# Exercise instructions:
Every line in the data below from the one containing "#4916=CARTESIAN_POINT('',(1280.402,629.47,307.553));" down to the one containing "#4946=CARTESIAN_POINT('',(1290.585,633.235,282.52));", both included, must be retyped exactly; no other line is to appear.

Data extracted from a collection:
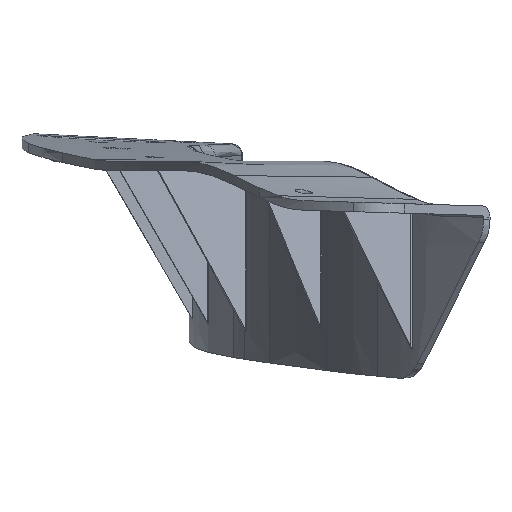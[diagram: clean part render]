
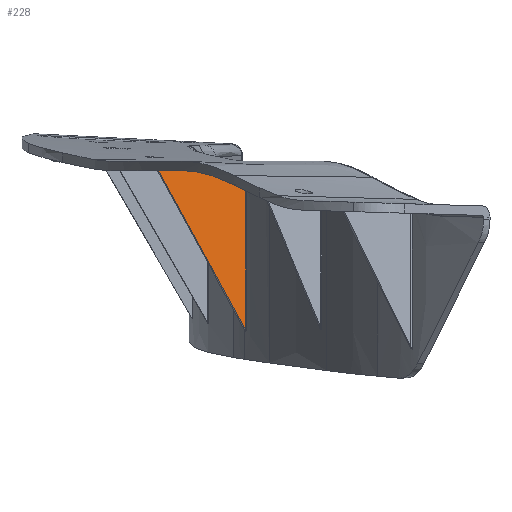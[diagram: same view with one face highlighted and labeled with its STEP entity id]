
A CAD part, front view. The second image highlights one B-rep face of the part: STEP entity #228.
In plain terms, the highlighted planar face has unit normal (0.347, -0.938, 0).
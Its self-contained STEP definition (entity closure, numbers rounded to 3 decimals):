
#228=ADVANCED_FACE('',(#398),#359,.T.);
#359=PLANE('',#2647);
#398=FACE_OUTER_BOUND('',#546,.T.);
#546=EDGE_LOOP('',(#981,#982,#983,#984,#985,#986,#987));
#692=LINE('',#4953,#750);
#750=VECTOR('',#2724,1.);
#981=ORIENTED_EDGE('',*,*,#1992,.F.);
#982=ORIENTED_EDGE('',*,*,#1993,.F.);
#983=ORIENTED_EDGE('',*,*,#1948,.F.);
#984=ORIENTED_EDGE('',*,*,#1994,.F.);
#985=ORIENTED_EDGE('',*,*,#1995,.F.);
#986=ORIENTED_EDGE('',*,*,#1996,.T.);
#987=ORIENTED_EDGE('',*,*,#1997,.F.);
#1685=VERTEX_POINT('',#3777);
#1686=VERTEX_POINT('',#3782);
#1715=VERTEX_POINT('',#4907);
#1716=VERTEX_POINT('',#4908);
#1717=VERTEX_POINT('',#4933);
#1718=VERTEX_POINT('',#4952);
#1719=VERTEX_POINT('',#4954);
#1948=EDGE_CURVE('',#1685,#1686,#2343,.T.);
#1992=EDGE_CURVE('',#1715,#1716,#2379,.T.);
#1993=EDGE_CURVE('',#1686,#1715,#2380,.T.);
#1994=EDGE_CURVE('',#1717,#1685,#2381,.T.);
#1995=EDGE_CURVE('',#1718,#1717,#2382,.T.);
#1996=EDGE_CURVE('',#1718,#1719,#692,.T.);
#1997=EDGE_CURVE('',#1716,#1719,#2383,.T.);
#2343=B_SPLINE_CURVE_WITH_KNOTS('',3,(#3778,#3779,#3780,#3781),
 .UNSPECIFIED.,.F.,.F.,(4,4),(0.,1.),.UNSPECIFIED.);
#2379=B_SPLINE_CURVE_WITH_KNOTS('',1,(#4905,#4906),.UNSPECIFIED.,.F.,.F.,
(2,2),(0.,1.),.UNSPECIFIED.);
#2380=B_SPLINE_CURVE_WITH_KNOTS('',3,(#4909,#4910,#4911,#4912,#4913,#4914,
#4915,#4916,#4917,#4918,#4919,#4920,#4921,#4922,#4923,#4924,#4925,#4926,
#4927,#4928),.UNSPECIFIED.,.F.,.F.,(4,2,2,2,2,2,2,2,2,4),(0.,0.016,
0.031,0.063,0.125,0.25,
0.375,0.438,0.5,1.),.UNSPECIFIED.);
#2381=B_SPLINE_CURVE_WITH_KNOTS('',3,(#4929,#4930,#4931,#4932),
 .UNSPECIFIED.,.F.,.F.,(4,4),(0.,1.),.UNSPECIFIED.);
#2382=B_SPLINE_CURVE_WITH_KNOTS('',5,(#4934,#4935,#4936,#4937,#4938,#4939,
#4940,#4941,#4942,#4943,#4944,#4945,#4946,#4947,#4948,#4949,#4950,#4951),
 .UNSPECIFIED.,.F.,.F.,(6,3,3,3,3,6),(0.,0.037,0.125,
0.25,0.5,1.),.UNSPECIFIED.);
#2383=B_SPLINE_CURVE_WITH_KNOTS('',3,(#4955,#4956,#4957,#4958,#4959,#4960),
 .UNSPECIFIED.,.F.,.F.,(4,2,4),(0.,0.5,1.),.UNSPECIFIED.);
#2647=AXIS2_PLACEMENT_3D('',#4961,#2725,#2726);
#2724=DIRECTION('',(0.,0.,1.));
#2725=DIRECTION('',(0.347,-0.938,0.));
#2726=DIRECTION('',(0.937,0.346,-0.052));
#3777=CARTESIAN_POINT('',(1277.203,628.287,307.63));
#3778=CARTESIAN_POINT('',(1277.203,628.287,307.63));
#3779=CARTESIAN_POINT('',(1277.604,628.436,307.62));
#3780=CARTESIAN_POINT('',(1278.005,628.584,307.61));
#3781=CARTESIAN_POINT('',(1278.406,628.732,307.6));
#3782=CARTESIAN_POINT('',(1278.406,628.732,307.6));
#4905=CARTESIAN_POINT('',(1299.37,636.483,307.323));
#4906=CARTESIAN_POINT('',(1299.653,636.588,307.323));
#4907=CARTESIAN_POINT('',(1299.37,636.483,307.323));
#4908=CARTESIAN_POINT('',(1299.653,636.588,307.323));
#4909=CARTESIAN_POINT('',(1278.406,628.732,307.6));
#4910=CARTESIAN_POINT('',(1278.407,628.733,307.6));
#4911=CARTESIAN_POINT('',(1278.517,628.773,307.598));
#4912=CARTESIAN_POINT('',(1278.958,628.936,307.587));
#4913=CARTESIAN_POINT('',(1279.037,628.965,307.585));
#4914=CARTESIAN_POINT('',(1279.411,629.104,307.576));
#4915=CARTESIAN_POINT('',(1279.664,629.197,307.57));
#4916=CARTESIAN_POINT('',(1280.402,629.47,307.553));
#4917=CARTESIAN_POINT('',(1280.904,629.656,307.542));
#4918=CARTESIAN_POINT('',(1282.339,630.186,307.511));
#4919=CARTESIAN_POINT('',(1283.332,630.553,307.49));
#4920=CARTESIAN_POINT('',(1285.144,631.223,307.456));
#4921=CARTESIAN_POINT('',(1286.046,631.557,307.44));
#4922=CARTESIAN_POINT('',(1287.393,632.055,307.419));
#4923=CARTESIAN_POINT('',(1287.842,632.221,307.412));
#4924=CARTESIAN_POINT('',(1288.736,632.552,307.399));
#4925=CARTESIAN_POINT('',(1289.218,632.73,307.393));
#4926=CARTESIAN_POINT('',(1292.911,634.096,307.345));
#4927=CARTESIAN_POINT('',(1296.157,635.295,307.322));
#4928=CARTESIAN_POINT('',(1299.37,636.483,307.323));
#4929=CARTESIAN_POINT('',(1276.863,628.162,307.638));
#4930=CARTESIAN_POINT('',(1276.976,628.203,307.636));
#4931=CARTESIAN_POINT('',(1277.09,628.245,307.633));
#4932=CARTESIAN_POINT('',(1277.203,628.287,307.63));
#4933=CARTESIAN_POINT('',(1276.863,628.162,307.638));
#4934=CARTESIAN_POINT('',(1300.123,636.762,265.063));
#4935=CARTESIAN_POINT('',(1299.953,636.699,265.375));
#4936=CARTESIAN_POINT('',(1299.782,636.636,265.687));
#4937=CARTESIAN_POINT('',(1299.223,636.429,266.711));
#4938=CARTESIAN_POINT('',(1298.651,636.218,267.757));
#4939=CARTESIAN_POINT('',(1298.079,636.006,268.804));
#4940=CARTESIAN_POINT('',(1297.678,635.858,269.538));
#4941=CARTESIAN_POINT('',(1296.705,635.498,271.319));
#4942=CARTESIAN_POINT('',(1295.731,635.138,273.101));
#4943=CARTESIAN_POINT('',(1295.16,634.927,274.147));
#4944=CARTESIAN_POINT('',(1293.444,634.293,277.287));
#4945=CARTESIAN_POINT('',(1291.729,633.658,280.427));
#4946=CARTESIAN_POINT('',(1290.585,633.235,282.52));
#4947=CARTESIAN_POINT('',(1287.155,631.967,288.799));
#4948=CARTESIAN_POINT('',(1283.724,630.698,295.079));
#4949=CARTESIAN_POINT('',(1281.437,629.853,299.265));
#4950=CARTESIAN_POINT('',(1279.15,629.007,303.452));
#4951=CARTESIAN_POINT('',(1276.863,628.162,307.638));
#4952=CARTESIAN_POINT('',(1300.123,636.762,265.063));
#4953=CARTESIAN_POINT('',(1300.123,636.762,291.323));
#4954=CARTESIAN_POINT('',(1300.123,636.762,306.823));
#4955=CARTESIAN_POINT('',(1299.653,636.588,307.323));
#4956=CARTESIAN_POINT('',(1299.816,636.648,307.323));
#4957=CARTESIAN_POINT('',(1299.893,636.677,307.274));
#4958=CARTESIAN_POINT('',(1300.077,636.745,307.079));
#4959=CARTESIAN_POINT('',(1300.123,636.762,306.946));
#4960=CARTESIAN_POINT('',(1300.123,636.762,306.823));
#4961=CARTESIAN_POINT('',(1252.059,618.99,309.523));

# Task output:
#4916=CARTESIAN_POINT('',(1280.402,629.47,307.553));
#4917=CARTESIAN_POINT('',(1280.904,629.656,307.542));
#4918=CARTESIAN_POINT('',(1282.339,630.186,307.511));
#4919=CARTESIAN_POINT('',(1283.332,630.553,307.49));
#4920=CARTESIAN_POINT('',(1285.144,631.223,307.456));
#4921=CARTESIAN_POINT('',(1286.046,631.557,307.44));
#4922=CARTESIAN_POINT('',(1287.393,632.055,307.419));
#4923=CARTESIAN_POINT('',(1287.842,632.221,307.412));
#4924=CARTESIAN_POINT('',(1288.736,632.552,307.399));
#4925=CARTESIAN_POINT('',(1289.218,632.73,307.393));
#4926=CARTESIAN_POINT('',(1292.911,634.096,307.345));
#4927=CARTESIAN_POINT('',(1296.157,635.295,307.322));
#4928=CARTESIAN_POINT('',(1299.37,636.483,307.323));
#4929=CARTESIAN_POINT('',(1276.863,628.162,307.638));
#4930=CARTESIAN_POINT('',(1276.976,628.203,307.636));
#4931=CARTESIAN_POINT('',(1277.09,628.245,307.633));
#4932=CARTESIAN_POINT('',(1277.203,628.287,307.63));
#4933=CARTESIAN_POINT('',(1276.863,628.162,307.638));
#4934=CARTESIAN_POINT('',(1300.123,636.762,265.063));
#4935=CARTESIAN_POINT('',(1299.953,636.699,265.375));
#4936=CARTESIAN_POINT('',(1299.782,636.636,265.687));
#4937=CARTESIAN_POINT('',(1299.223,636.429,266.711));
#4938=CARTESIAN_POINT('',(1298.651,636.218,267.757));
#4939=CARTESIAN_POINT('',(1298.079,636.006,268.804));
#4940=CARTESIAN_POINT('',(1297.678,635.858,269.538));
#4941=CARTESIAN_POINT('',(1296.705,635.498,271.319));
#4942=CARTESIAN_POINT('',(1295.731,635.138,273.101));
#4943=CARTESIAN_POINT('',(1295.16,634.927,274.147));
#4944=CARTESIAN_POINT('',(1293.444,634.293,277.287));
#4945=CARTESIAN_POINT('',(1291.729,633.658,280.427));
#4946=CARTESIAN_POINT('',(1290.585,633.235,282.52));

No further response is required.